There were 1,031 households, out of which 34.9% had children under the age of 18 living with them, 67.7% were married couples living together, 6.0% had a female householder with no husband present, and 22.8% were non-families. 19.0% of all households were made up of individuals, and 5.8% had someone living alone who was 65 years of age or older. The average household size was 2.63 and the average family size was 3.02.

In the township the population was spread out, with 24.8% under the age of 18, 8.0% from 18 to 24, 30.1% from 25 to 44, 28.4% from 45 to 64, and 8.7% who were 65 years of age or older. The median age was 38 years. For every 100 females, there were 103.8 males. For every 100 females age 18 and over, there were 103.0 males.

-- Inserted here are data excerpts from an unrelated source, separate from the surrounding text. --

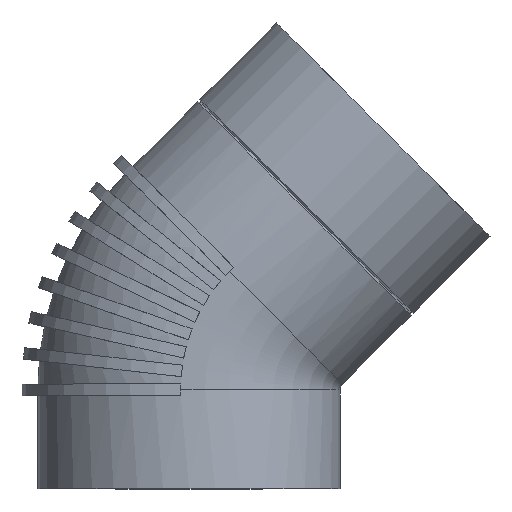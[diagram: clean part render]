
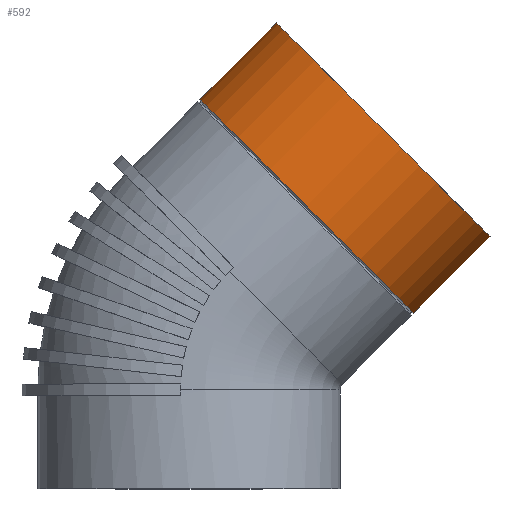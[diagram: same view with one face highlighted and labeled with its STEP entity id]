
A CAD part, top view. The second image highlights one B-rep face of the part: STEP entity #592.
In plain terms, the highlighted cylindrical face has radius 55 mm (diameter 110 mm), a full revolution.
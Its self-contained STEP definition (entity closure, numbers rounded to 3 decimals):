
#96=CYLINDRICAL_SURFACE($,#659,55.);
#114=FACE_BOUND($,#200,.T.);
#148=FACE_OUTER_BOUND($,#199,.T.);
#199=EDGE_LOOP($,(#518));
#200=EDGE_LOOP($,(#519));
#202=CIRCLE($,#598,55.);
#229=CIRCLE($,#658,55.);
#231=VERTEX_POINT($,#798);
#288=VERTEX_POINT($,#1503);
#290=EDGE_CURVE($,#231,#231,#202,.T.);
#365=EDGE_CURVE($,#288,#288,#229,.T.);
#518=ORIENTED_EDGE($,*,*,#290,.T.);
#519=ORIENTED_EDGE($,*,*,#365,.T.);
#592=ADVANCED_FACE($,(#148,#114),#96,.T.);
#598=AXIS2_PLACEMENT_3D($,#799,#666,#667);
#658=AXIS2_PLACEMENT_3D($,#1504,#790,#791);
#659=AXIS2_PLACEMENT_3D($,#1505,#792,#793);
#666=DIRECTION('center_axis',(0.707,0.707,0.));
#667=DIRECTION('ref_axis',(0.707,-0.707,0.));
#790=DIRECTION('center_axis',(-0.707,-0.707,0.));
#791=DIRECTION('ref_axis',(0.707,-0.707,0.));
#792=DIRECTION('center_axis',(-0.707,-0.707,0.));
#793=DIRECTION('ref_axis',(0.707,-0.707,0.));
#798=CARTESIAN_POINT('',(81.766,63.985,0.));
#799=CARTESIAN_POINT('Origin',(42.875,102.875,0.));
#1503=CARTESIAN_POINT('',(109.602,91.82,0.));
#1504=CARTESIAN_POINT('Origin',(70.711,130.711,0.));
#1505=CARTESIAN_POINT('Origin',(43.849,103.849,0.));
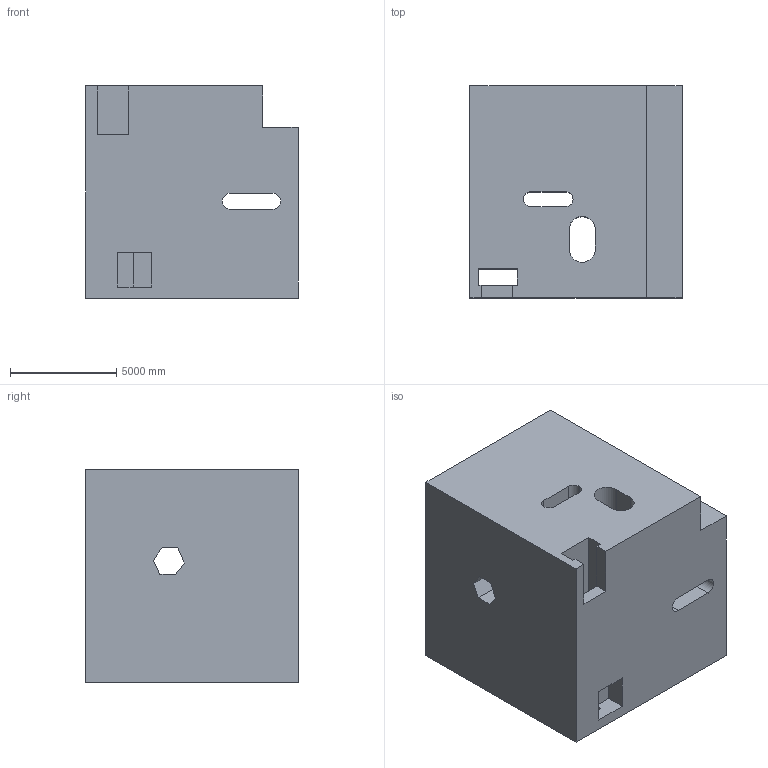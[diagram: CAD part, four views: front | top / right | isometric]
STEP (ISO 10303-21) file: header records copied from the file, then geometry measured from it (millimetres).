
FILE_DESCRIPTION (( 'STEP AP203' ), '1' );
FILE_NAME ('187.STEP', '2022-09-06T15:26:06', ( 'user' ), ( '' ), 'SwSTEP 2.0', 'SolidWorks 2021', '' );
FILE_SCHEMA (( 'CONFIG_CONTROL_DESIGN' ));
Length unit declared in the file: centimetre
Products named in the file (1): 187
Bounding box: 10000 x 10000 x 10000 mm (x, y, z)
Volume: 872472333405.3 mm3; surface area: 861224964.8 mm2
Topology: 1 solids, 1 shells, 45 faces, 129 edges, 86 vertices
Faces by surface type: plane 34, cylinder 11
Entity records: 1566 total; most frequent: CARTESIAN_POINT 261, ORIENTED_EDGE 258, DIRECTION 243, EDGE_CURVE 129, VECTOR 107, LINE 107, VERTEX_POINT 86, AXIS2_PLACEMENT_3D 68
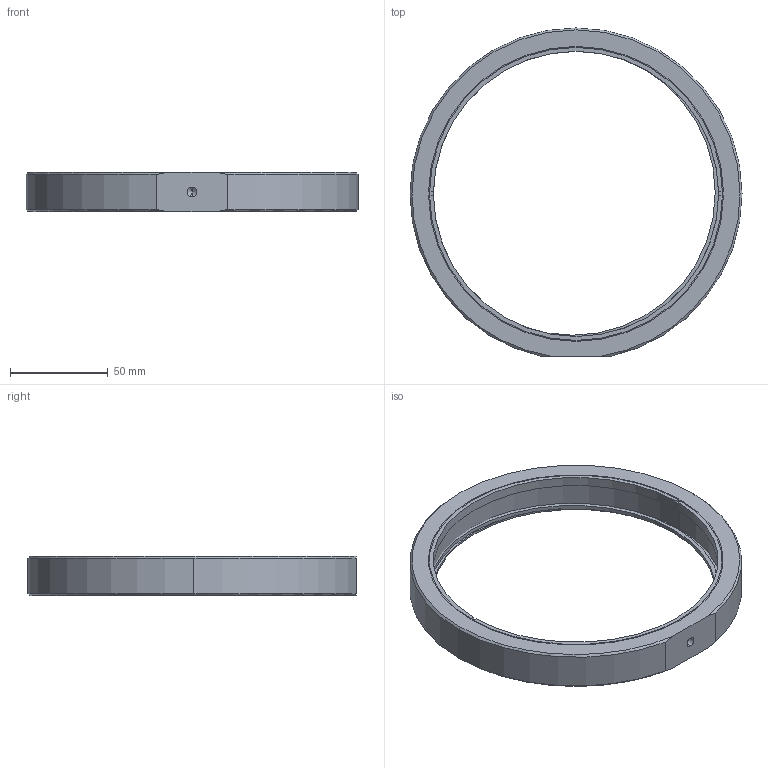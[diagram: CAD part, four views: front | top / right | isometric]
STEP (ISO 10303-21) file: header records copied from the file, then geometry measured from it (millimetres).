
FILE_DESCRIPTION (( 'STEP AP203' ), '1' );
FILE_NAME ('蚾饜芞 HGMML3150.STEP', '2021-07-20T06:21:43', ( '' ), ( '' ), 'SwSTEP 2.0', 'SolidWorks 2020', '' );
FILE_SCHEMA (( 'CONFIG_CONTROL_DESIGN' ));
Length unit declared in the file: millimetre
Products named in the file (4): M151x1.0d146H3 ѹȦ; HGMML3150-1; D150d146T2-ｾﾛﾋﾄｷ昮ﾒﾏｩ  ｾﾛﾋﾄｷ昮ﾒﾏｩｵ貶ｦ; 蚾饜芞 HGMML3150
Assembly tree (3 placements, depth 2):
  蚾饜芞 HGMML3150
    HGMML3150-1
    M151x1.0d146H3 ѹȦ
    D150d146T2-ｾﾛﾋﾄｷ昮ﾒﾏｩ  ｾﾛﾋﾄｷ昮ﾒﾏｩｵ貶ｦ
Bounding box: 170 x 168 x 20 mm (x, y, z)
Volume: 107078.3 mm3; surface area: 43069.4 mm2
Topology: 3 solids, 3 shells, 43 faces, 102 edges, 65 vertices
Faces by surface type: cylinder 19, plane 16, cone 8
Entity records: 1676 total; most frequent: DIRECTION 246, CARTESIAN_POINT 226, ORIENTED_EDGE 200, AXIS2_PLACEMENT_3D 101, EDGE_CURVE 100, VERTEX_POINT 65, CIRCLE 52, EDGE_LOOP 51

The median income for a household in the township was $47,348, and the median income for a family was $55,283. Males had a median income of $40,132 versus $25,568 for females. The per capita income for the township was $18,894. About 1.8% of families and 3.7% of the population were below the poverty line, including 2.2% of those under age 18 and 4.9% of those age 65 or over.